Back-to-school season is in full swing. Our weekday mornings are back to being super busy and sometimes downright hectic. The thought of packing a healthy lunch can often feel daunting or nearly impossible, especially if we haven’t planned ahead. This is when we ‘re inclined to turn toward the less-healthy convenience items as a quick solution. But it doesn’t have to be that way! Here are some easy tips for putting together nourishing lunches that appeal to all tastes with a minimum amount of time. These ideas are great not only for kids going off to school, but your homeschooled kiddos, and any loved one heading off to work.
Step 1. Make a plan
Planning out meals, especially school lunches, has so many benefits. First, it saves you time. During one small chunk of time you organize the entire week (or month) saving time spent figuring out what to make on a day-by-day basis. You will also reduce trips to the grocery store having created a shopping list from your plan. Second, you will save money. Creating a shopping list reduces the chances of frivolous spending and may inspire you to check out sales or clip coupons. You will also save on gas with less trips to the grocery store. Lastly, meal planning promotes healthy eating. By thinking ahead of what will go in the lunchbox, you have more control over the ingredients and will most likely end up with more healthful and nutritious foods.

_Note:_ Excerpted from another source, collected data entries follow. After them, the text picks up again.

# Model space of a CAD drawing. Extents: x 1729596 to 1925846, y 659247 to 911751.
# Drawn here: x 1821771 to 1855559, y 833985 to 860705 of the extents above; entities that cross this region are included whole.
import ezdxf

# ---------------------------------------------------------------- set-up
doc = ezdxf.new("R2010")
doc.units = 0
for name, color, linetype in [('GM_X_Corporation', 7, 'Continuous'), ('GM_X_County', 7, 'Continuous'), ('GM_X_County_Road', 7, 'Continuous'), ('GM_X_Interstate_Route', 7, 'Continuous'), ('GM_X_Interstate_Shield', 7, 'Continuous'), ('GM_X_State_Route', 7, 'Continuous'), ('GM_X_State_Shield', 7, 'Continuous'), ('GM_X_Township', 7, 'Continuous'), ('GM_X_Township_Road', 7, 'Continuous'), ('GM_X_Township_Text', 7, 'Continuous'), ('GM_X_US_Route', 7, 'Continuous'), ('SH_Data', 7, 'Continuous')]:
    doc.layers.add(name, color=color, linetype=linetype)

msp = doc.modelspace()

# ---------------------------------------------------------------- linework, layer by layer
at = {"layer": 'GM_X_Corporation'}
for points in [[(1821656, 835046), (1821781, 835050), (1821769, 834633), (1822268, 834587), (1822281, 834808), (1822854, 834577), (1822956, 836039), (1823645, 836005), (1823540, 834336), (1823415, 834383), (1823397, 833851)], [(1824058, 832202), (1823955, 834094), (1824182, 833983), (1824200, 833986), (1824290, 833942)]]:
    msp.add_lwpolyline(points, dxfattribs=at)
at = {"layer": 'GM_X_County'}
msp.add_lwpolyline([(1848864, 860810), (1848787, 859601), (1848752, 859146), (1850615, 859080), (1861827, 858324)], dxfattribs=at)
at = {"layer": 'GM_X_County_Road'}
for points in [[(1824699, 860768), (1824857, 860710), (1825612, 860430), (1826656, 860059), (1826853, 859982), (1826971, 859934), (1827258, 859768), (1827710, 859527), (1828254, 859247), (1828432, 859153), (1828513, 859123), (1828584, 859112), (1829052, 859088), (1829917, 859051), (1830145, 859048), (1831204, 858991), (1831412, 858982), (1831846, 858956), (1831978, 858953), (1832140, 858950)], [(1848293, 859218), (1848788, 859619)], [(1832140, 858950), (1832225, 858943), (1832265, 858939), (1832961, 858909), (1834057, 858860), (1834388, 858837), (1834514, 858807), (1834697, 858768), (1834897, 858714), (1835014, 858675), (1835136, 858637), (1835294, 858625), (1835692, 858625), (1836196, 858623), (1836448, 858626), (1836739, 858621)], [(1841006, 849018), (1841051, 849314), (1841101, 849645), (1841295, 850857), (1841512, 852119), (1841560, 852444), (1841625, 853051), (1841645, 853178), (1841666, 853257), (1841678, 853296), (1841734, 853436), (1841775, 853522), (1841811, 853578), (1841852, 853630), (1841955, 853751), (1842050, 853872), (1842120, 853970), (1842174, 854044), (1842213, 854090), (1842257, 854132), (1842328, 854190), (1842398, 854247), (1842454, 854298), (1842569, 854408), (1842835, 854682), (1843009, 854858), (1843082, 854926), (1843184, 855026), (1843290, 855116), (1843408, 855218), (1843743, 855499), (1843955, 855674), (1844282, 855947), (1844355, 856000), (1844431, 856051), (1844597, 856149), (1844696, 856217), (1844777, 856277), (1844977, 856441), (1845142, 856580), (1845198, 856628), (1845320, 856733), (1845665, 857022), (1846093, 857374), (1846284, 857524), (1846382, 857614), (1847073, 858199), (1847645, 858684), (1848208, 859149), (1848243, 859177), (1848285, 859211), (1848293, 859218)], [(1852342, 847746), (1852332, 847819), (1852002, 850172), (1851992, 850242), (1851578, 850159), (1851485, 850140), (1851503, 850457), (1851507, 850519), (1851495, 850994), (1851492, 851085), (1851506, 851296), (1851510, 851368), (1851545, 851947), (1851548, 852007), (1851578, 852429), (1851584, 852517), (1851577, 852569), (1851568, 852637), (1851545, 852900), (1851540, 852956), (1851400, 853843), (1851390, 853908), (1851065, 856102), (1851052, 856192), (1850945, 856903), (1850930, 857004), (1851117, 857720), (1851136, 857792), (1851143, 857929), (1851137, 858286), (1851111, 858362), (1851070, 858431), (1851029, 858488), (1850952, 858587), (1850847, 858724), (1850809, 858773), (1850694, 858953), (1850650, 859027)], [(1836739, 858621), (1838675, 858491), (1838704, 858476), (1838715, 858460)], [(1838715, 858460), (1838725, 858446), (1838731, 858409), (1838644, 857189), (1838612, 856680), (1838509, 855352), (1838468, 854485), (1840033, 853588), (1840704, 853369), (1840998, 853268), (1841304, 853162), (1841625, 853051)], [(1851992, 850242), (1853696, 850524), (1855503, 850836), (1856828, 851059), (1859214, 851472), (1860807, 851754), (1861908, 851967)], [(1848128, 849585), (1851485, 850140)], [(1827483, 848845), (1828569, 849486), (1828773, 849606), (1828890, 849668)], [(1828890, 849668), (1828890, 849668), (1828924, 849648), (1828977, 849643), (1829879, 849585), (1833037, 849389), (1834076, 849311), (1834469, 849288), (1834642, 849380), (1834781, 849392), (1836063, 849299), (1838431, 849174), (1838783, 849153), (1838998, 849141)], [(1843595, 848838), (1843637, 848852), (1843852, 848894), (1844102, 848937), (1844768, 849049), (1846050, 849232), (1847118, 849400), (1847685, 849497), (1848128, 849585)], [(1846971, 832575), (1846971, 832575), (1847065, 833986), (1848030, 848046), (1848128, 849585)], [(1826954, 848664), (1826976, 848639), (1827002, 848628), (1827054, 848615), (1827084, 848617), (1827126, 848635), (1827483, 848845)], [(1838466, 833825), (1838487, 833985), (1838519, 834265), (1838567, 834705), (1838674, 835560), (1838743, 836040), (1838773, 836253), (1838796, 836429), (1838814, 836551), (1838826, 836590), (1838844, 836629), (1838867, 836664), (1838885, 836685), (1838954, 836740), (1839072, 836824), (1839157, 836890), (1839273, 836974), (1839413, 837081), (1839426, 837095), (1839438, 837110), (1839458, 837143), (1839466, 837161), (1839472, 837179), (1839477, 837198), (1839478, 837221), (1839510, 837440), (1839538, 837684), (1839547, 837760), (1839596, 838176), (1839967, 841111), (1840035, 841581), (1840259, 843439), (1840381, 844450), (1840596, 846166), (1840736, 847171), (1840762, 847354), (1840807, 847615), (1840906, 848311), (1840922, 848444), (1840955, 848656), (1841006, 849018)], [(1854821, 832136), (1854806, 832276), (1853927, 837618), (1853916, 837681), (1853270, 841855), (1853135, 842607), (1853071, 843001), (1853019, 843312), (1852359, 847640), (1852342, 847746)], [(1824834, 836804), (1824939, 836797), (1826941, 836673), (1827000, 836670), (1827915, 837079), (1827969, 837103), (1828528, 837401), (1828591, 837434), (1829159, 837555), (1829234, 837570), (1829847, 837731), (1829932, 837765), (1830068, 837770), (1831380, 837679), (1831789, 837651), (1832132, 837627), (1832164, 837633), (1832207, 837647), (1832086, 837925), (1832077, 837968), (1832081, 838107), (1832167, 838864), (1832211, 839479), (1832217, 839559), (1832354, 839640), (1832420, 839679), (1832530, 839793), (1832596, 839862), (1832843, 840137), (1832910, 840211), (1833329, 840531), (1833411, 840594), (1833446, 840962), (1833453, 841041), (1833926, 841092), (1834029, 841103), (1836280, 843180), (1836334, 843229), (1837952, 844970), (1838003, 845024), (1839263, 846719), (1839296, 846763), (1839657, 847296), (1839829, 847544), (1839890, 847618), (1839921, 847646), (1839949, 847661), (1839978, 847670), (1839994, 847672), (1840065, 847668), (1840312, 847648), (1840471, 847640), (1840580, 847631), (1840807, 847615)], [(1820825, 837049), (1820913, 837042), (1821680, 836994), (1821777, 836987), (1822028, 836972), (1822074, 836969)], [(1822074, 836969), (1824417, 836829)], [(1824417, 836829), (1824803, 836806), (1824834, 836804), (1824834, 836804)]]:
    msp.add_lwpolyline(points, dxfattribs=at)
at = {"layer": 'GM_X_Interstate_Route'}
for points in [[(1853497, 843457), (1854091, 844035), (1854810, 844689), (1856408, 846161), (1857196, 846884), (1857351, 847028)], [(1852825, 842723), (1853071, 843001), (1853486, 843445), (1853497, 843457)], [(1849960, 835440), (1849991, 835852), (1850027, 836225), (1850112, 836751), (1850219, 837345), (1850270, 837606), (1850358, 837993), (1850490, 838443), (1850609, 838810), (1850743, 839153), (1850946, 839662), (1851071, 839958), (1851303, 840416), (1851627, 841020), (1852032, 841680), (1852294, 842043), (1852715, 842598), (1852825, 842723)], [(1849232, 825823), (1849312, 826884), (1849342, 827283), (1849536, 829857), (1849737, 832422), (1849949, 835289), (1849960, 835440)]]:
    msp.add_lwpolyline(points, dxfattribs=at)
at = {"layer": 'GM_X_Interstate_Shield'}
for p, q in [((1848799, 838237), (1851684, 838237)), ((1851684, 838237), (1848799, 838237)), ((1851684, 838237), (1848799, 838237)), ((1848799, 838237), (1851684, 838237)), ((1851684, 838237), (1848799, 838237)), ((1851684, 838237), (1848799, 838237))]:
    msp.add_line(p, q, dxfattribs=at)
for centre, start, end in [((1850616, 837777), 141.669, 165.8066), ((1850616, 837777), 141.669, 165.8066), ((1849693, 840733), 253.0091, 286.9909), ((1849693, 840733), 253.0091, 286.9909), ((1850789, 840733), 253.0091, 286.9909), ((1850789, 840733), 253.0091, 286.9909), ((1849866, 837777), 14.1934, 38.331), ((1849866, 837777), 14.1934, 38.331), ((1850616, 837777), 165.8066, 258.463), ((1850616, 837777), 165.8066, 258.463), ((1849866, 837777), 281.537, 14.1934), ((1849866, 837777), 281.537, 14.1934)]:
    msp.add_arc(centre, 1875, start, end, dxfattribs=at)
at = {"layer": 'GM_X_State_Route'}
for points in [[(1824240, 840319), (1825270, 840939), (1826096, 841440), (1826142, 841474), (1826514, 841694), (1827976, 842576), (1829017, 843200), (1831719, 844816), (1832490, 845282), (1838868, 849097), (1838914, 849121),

Step 2. Know your healthy go-to foods
Even if you don’t get to meal planning this week, having a master list of your kids’ favorite lunch items and healthy additions will save you some time (and stress) on those busy mornings. For creating that go-to list, consider the basic categories for a well-balanced lunch:
-nut or seed butters (peanut butter, almond butter, cashew butter, sunflower butter, pumpkin seed butter)
-hard boiled egg
-lentil, bean, or chicken soup
-hummus or bean dip
-sandwich or wrap
-dinner leftovers (meatloaf, roasted chicken, etc.)
-jerky (fish or meat)
b. Fruit & Vegetables:
-dippable fruit and veggies with hummus, guacamole, dressing, yogurt
-smoothies in a thermos
-salad with dressing
-fresh fruit kebobs
-veggie sushi rolls
c. Water: Just skip the juice box. Yes it may be one of the easiest parts of packing the lunch box, but it only leads to is extra sugar that children simply do not need. Instead, try a reusable water bottle filled with cold water (add a little lemon if they like tart). This is also another way to save time and money (no more buying extra juice boxes).
d. Add a little treat:
-fruit and veggie muffin
-homemade fruit & nut (or seed) bars
-trail mix with dried fruit
-chia fruit pudding
Step 3. Get the kids involved
Getting the kids involved in meal prep has many rewards. It is a great way to spark their curiosity in new foods and it also helps them to feel empowered by taking part in their own health. It’s great to start this process with them at a young age. For example, create a check-off list for your kindergartener or first grader and it could look similar to this:
Lunch Box Checklist:
Step 4. Keep it simple
Planning and packing a healthy lunch box does not have to be complicated. Step 3 discussed the basic components of a wholesome lunch. Remember to focus on fresh, whole food ingredients that can be put together simply and you’ll have the easiest time getting your kids off to school.
The Environmental Working Group, the nation’s leading environmental health research and advocacy organization, offers up some good information and helpful tips. Their guidelines are great for reducing your child’s toxic exposure while lessening the impact on the environment.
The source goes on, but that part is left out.